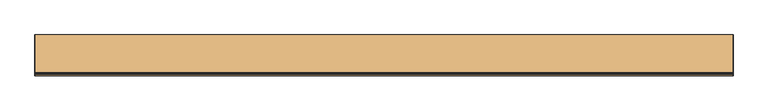
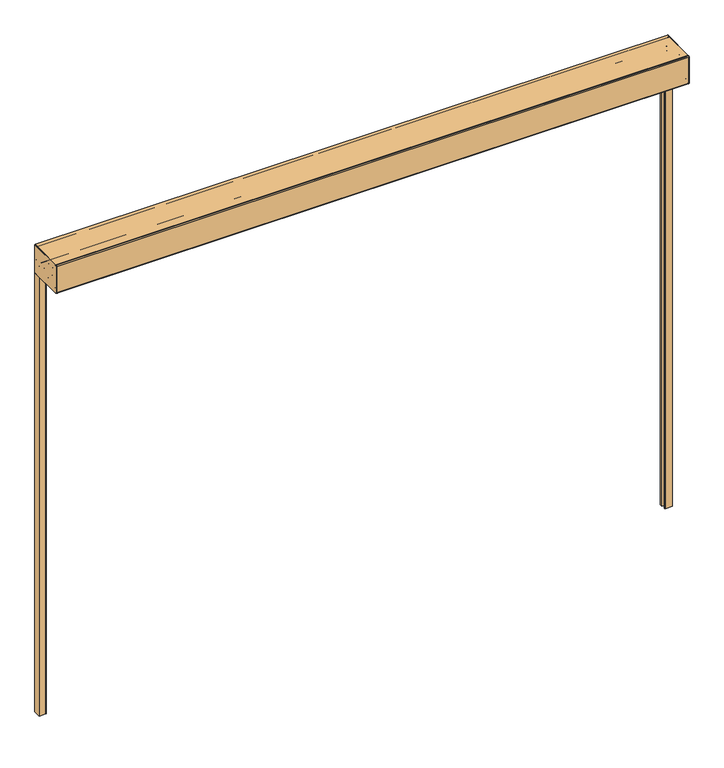
"""IFC4 building model written with IfcOpenShell, lengths in millimetres: door geometry, Otomatik Kapı-Çift Kanat : Otomatik Kapı - Çift Kanat - 150-220."""

from ifc_helpers import new_model, si_unit, point, frame, frame_2d, origin, origin_with_axes, place, context, project, spatial, polyline, circle_curve, trimmed, segment, composite_curve, outline, extrude, source, transform, mapped, element, save
from ifc_brep_helpers import plane_surface, cylinder_surface, revolved_surface, advanced_brep


def door_113a5d44(model_context):
    return source(origin(), model_context, "Body", "SolidModel", [
        advanced_brep(
        [(1494.5, -59.2542528, 2316.1817261), (1494.5, -45.0832683, 2316.1817261), (1494.5, -40.0474706, 2321.1107692), (1494.5, -40.0474706, 2324.2914876), (1494.5, 0.2446915, 2324.2914876), (1494.5, 0.2446915, 2321.2186799), (1494.5, 5.2816452, 2316.1817261), (1494.5, 13.9890898, 2316.1817261), (1494.5, 18.342812, 2313.7066015), (1494.5, 45.9985176, 2266.1506632), (1494.5, 50.8662503, 2262.4873595), (1494.5, 56.7563764, 2262.4873595), (1494.5, 61.7784339, 2267.509417), (1494.5, 61.7933302, 2276.5727956), (1494.5, 93.03701, 2276.5727956), (1494.5, 93.03701, 2265.3902264), (1494.5, 93.9651676, 2263.5834794), (1494.5, 95.0, 2261.6341872), (1494.5, 95.0, 2248.8285097), (1494.5, 94.4023169, 2246.353385), (1494.5, 78.3538909, 2218.6102552), (1494.5, 74.0001686, 2216.1339745), (1494.5, -59.2542528, 2216.1339745), (1494.5, -64.2900505, 2221.1697722), (1494.5, -64.2900505, 2311.1459284), (1494.5, -12.8153193, 2290.4871347), (1494.5, -12.8153193, 2305.6823884), (1494.5, -46.1075375, 2290.4871347), (1494.5, -46.1075375, 2305.6823884), (1494.5, -44.058999, 2251.9024734), (1494.5, -44.058999, 2266.9266302), (1494.5, 16.378666, 2251.7978536), (1494.5, 16.378666, 2267.0312501), (1494.5, -15.888127, 2223.6460529), (1494.5, -15.888127, 2238.8413066), (1494.5, 63.7563202, 2231.7558144), (1494.5, 63.7563202, 2246.7799712), (1497.5, -59.2542528, 2316.1817261), (1497.5, -64.2900505, 2311.1459284), (1497.5, -64.2900505, 2221.1697722), (1497.5, -59.2542528, 2216.1339745), (1497.5, 74.0001686, 2216.1339745), (1497.5, 78.3538909, 2218.6102552), (1497.5, 94.4023169, 2246.353385), (1497.5, 95.0, 2248.8285097), (1497.5, 95.0, 2261.6341872), (1497.5, 93.9548678, 2263.567749), (1497.5, 93.03701, 2265.3902264), (1497.5, 93.03701, 2276.5727956), (1497.5, 61.7933302, 2276.5727956), (1497.5, 61.7933302, 2267.509417), (1497.5, 56.7563764, 2262.4873595), (1497.5, 50.8662503, 2262.4873595), (1497.5, 45.9985176, 2266.1506632), (1497.5, 18.342812, 2313.7066015), (1497.5, 13.9890898, 2316.1817261), (1497.5, 5.2816452, 2316.1817261), (1497.5, 0.2446915, 2321.2186799), (1497.5, 0.2446915, 2324.2914876), (1497.5, -40.0474706, 2324.2914876), (1497.5, -40.0474706, 2321.1107692), (1497.5, -45.0832683, 2316.1817261), (1497.5, -12.8153193, 2290.4871347), (1497.5, -12.8153193, 2305.6823884), (1497.5, -46.1075375, 2290.4871347), (1497.5, -46.1075375, 2305.6823884), (1497.5, -44.058999, 2251.9024734), (1497.5, -44.058999, 2266.9266302), (1497.5, 16.378666, 2251.7978536), (1497.5, 16.378666, 2267.0312501), (1497.5, -15.888127, 2223.6460529), (1497.5, -15.888127, 2238.8413066), (1497.5, 63.7563202, 2231.7558144), (1497.5, 63.7563202, 2246.7799712)],
        [
            (0, 1),
            (1, 2, circle_curve(frame((1494.5, -45.0832683, 2321.2186799), z_axis=(1.0, 0.0, 0.0), x_axis=(0.0, 0.0, 1.0)), 5.0369538)),
            (2, 3),
            (3, 4),
            (4, 5),
            (5, 6, circle_curve(frame((1494.5, 5.2816452, 2321.2186799), z_axis=(1.0, 0.0, 0.0), x_axis=(0.0, 0.0, 1.0)), 5.0369538)),
            (6, 7),
            (7, 8, circle_curve(frame((1494.5, 14.039751, 2311.2041971), z_axis=(-1.0, 0.0, 0.0), x_axis=(0.0, 0.0, 1.0)), 4.9777868)),
            (8, 9),
            (9, 10, circle_curve(frame((1494.5, 50.8662503, 2267.5530897), z_axis=(1.0, 0.0, 0.0), x_axis=(0.0, 0.0, 1.0)), 5.0657302)),
            (10, 11),
            (11, 12, circle_curve(frame((1494.5, 56.7563764, 2267.509417), z_axis=(1.0, 0.0, 0.0), x_axis=(0.0, 0.0, 1.0)), 5.0220574)),
            (12, 13),
            (13, 14),
            (14, 15),
            (15, 16, circle_curve(frame((1494.5, 95.0917008, 2265.3039782), z_axis=(1.0, 0.0, 0.0), x_axis=(0.0, 0.0, 1.0)), 2.0565002)),
            (16, 17, circle_curve(frame((1494.5, 92.6888271, 2261.6341872), z_axis=(-1.0, 0.0, 0.0), x_axis=(0.0, 0.0, 1.0)), 2.3111729)),
            (17, 18),
            (18, 19, circle_curve(frame((1494.5, 90.5157638, 2248.6016195), z_axis=(-1.0, 0.0, 0.0), x_axis=(0.0, 0.0, 1.0)), 4.4899725)),
            (19, 20),
            (20, 21, circle_curve(frame((1494.5, 74.0600786, 2221.0940748), z_axis=(-1.0, 0.0, 0.0), x_axis=(0.0, 0.0, 1.0)), 4.9604621)),
            (21, 22),
            (22, 23, circle_curve(frame((1494.5, -59.2542528, 2221.1697722), z_axis=(-1.0, 0.0, 0.0), x_axis=(0.0, 0.0, 1.0)), 5.0357977)),
            (23, 24),
            (24, 0, circle_curve(frame((1494.5, -59.2542528, 2311.1459284), z_axis=(-1.0, 0.0, 0.0), x_axis=(0.0, 0.0, 1.0)), 5.0357977)),
            (25, 26, circle_curve(frame((1494.5, -12.8153193, 2298.0847616), z_axis=(1.0, 0.0, 0.0), x_axis=(0.0, 0.0, 1.0)), 7.5976269)),
            (26, 25, circle_curve(frame((1494.5, -12.8153193, 2298.0847616), z_axis=(1.0, 0.0, 0.0), x_axis=(0.0, 0.0, 1.0)), 7.5976269)),
            (27, 28, circle_curve(frame((1494.5, -46.1075375, 2298.0847616), z_axis=(1.0, 0.0, 0.0), x_axis=(0.0, 0.0, 1.0)), 7.5976269)),
            (28, 27, circle_curve(frame((1494.5, -46.1075375, 2298.0847616), z_axis=(1.0, 0.0, 0.0), x_axis=(0.0, 0.0, 1.0)), 7.5976269)),
            (29, 30, circle_curve(frame((1494.5, -44.058999, 2259.4145518), z_axis=(1.0, 0.0, 0.0), x_axis=(0.0, 0.0, 1.0)), 7.5120784)),
            (30, 29, circle_curve(frame((1494.5, -44.058999, 2259.4145518), z_axis=(1.0, 0.0, 0.0), x_axis=(0.0, 0.0, 1.0)), 7.5120784)),
            (31, 32, circle_curve(frame((1494.5, 16.378666, 2259.4145518), z_axis=(1.0, 0.0, 0.0), x_axis=(0.0, 0.0, 1.0)), 7.6166982)),
            (32, 31, circle_curve(frame((1494.5, 16.378666, 2259.4145518), z_axis=(1.0, 0.0, 0.0), x_axis=(0.0, 0.0, 1.0)), 7.6166982)),
            (33, 34, circle_curve(frame((1494.5, -15.888127, 2231.2436798), z_axis=(1.0, 0.0, 0.0), x_axis=(0.0, 0.0, 1.0)), 7.5976269)),
            (34, 33, circle_curve(frame((1494.5, -15.888127, 2231.2436798), z_axis=(1.0, 0.0, 0.0), x_axis=(0.0, 0.0, 1.0)), 7.5976269)),
            (35, 36, circle_curve(frame((1494.5, 63.7563202, 2239.2678928), z_axis=(1.0, 0.0, 0.0), x_axis=(0.0, 0.0, 1.0)), 7.5120784)),
            (36, 35, circle_curve(frame((1494.5, 63.7563202, 2239.2678928), z_axis=(1.0, 0.0, 0.0), x_axis=(0.0, 0.0, 1.0)), 7.5120784)),
            (37, 38, circle_curve(frame((1497.5, -59.2542528, 2311.1459284), z_axis=(1.0, 0.0, 0.0), x_axis=(0.0, 0.0, 1.0)), 5.0357977)),
            (38, 39),
            (39, 40, circle_curve(frame((1497.5, -59.2542528, 2221.1697722), z_axis=(1.0, 0.0, 0.0), x_axis=(0.0, 0.0, 1.0)), 5.0357977)),
            (40, 41),
            (41, 42, circle_curve(frame((1497.5, 74.0600786, 2221.0940748), z_axis=(1.0, 0.0, 0.0), x_axis=(0.0, 0.0, 1.0)), 4.9604621)),
            (42, 43),
            (43, 44, circle_curve(frame((1497.5, 90.5157638, 2248.6016195), z_axis=(1.0, 0.0, 0.0), x_axis=(0.0, 0.0, 1.0)), 4.4899725)),
            (44, 45),
            (45, 46, circle_curve(frame((1497.5, 92.6888271, 2261.6341872), z_axis=(1.0, 0.0, 0.0), x_axis=(0.0, 0.0, 1.0)), 2.3111729)),
            (46, 47, circle_curve(frame((1497.5, 95.0917008, 2265.3039782), z_axis=(-1.0, 0.0, 0.0), x_axis=(0.0, 0.0, 1.0)), 2.0565002)),
            (47, 48),
            (48, 49),
            (49, 50),
            (50, 51, circle_curve(frame((1497.5, 56.7563764, 2267.509417), z_axis=(-1.0, 0.0, 0.0), x_axis=(0.0, 0.0, 1.0)), 5.0220574)),
            (51, 52),
            (52, 53, circle_curve(frame((1497.5, 50.8662503, 2267.5530897), z_axis=(-1.0, 0.0, 0.0), x_axis=(0.0, 0.0, 1.0)), 5.0657302)),
            (53, 54),
            (54, 55, circle_curve(frame((1497.5, 14.039751, 2311.2041971), z_axis=(1.0, 0.0, 0.0), x_axis=(0.0, 0.0, 1.0)), 4.9777868)),
            (55, 56),
            (56, 57, circle_curve(frame((1497.5, 5.2816452, 2321.2186799), z_axis=(-1.0, 0.0, 0.0), x_axis=(0.0, 0.0, 1.0)), 5.0369538)),
            (57, 58),
            (58, 59),
            (59, 60),
            (60, 61, circle_curve(frame((1497.5, -45.0832683, 2321.2186799), z_axis=(-1.0, 0.0, 0.0), x_axis=(0.0, 0.0, 1.0)), 5.0369538)),
            (61, 37),
            (62, 63, circle_curve(frame((1497.5, -12.8153193, 2298.0847616), z_axis=(-1.0, 0.0, 0.0), x_axis=(0.0, 0.0, 1.0)), 7.5976269)),
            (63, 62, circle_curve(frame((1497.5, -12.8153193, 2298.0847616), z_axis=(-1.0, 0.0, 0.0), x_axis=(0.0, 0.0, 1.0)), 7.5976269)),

○ ○ ○

== DIRECTIONS ==
Using the records above, report the number of lines that include the string "origin", with nothing added.

== THE ANSWER ==
2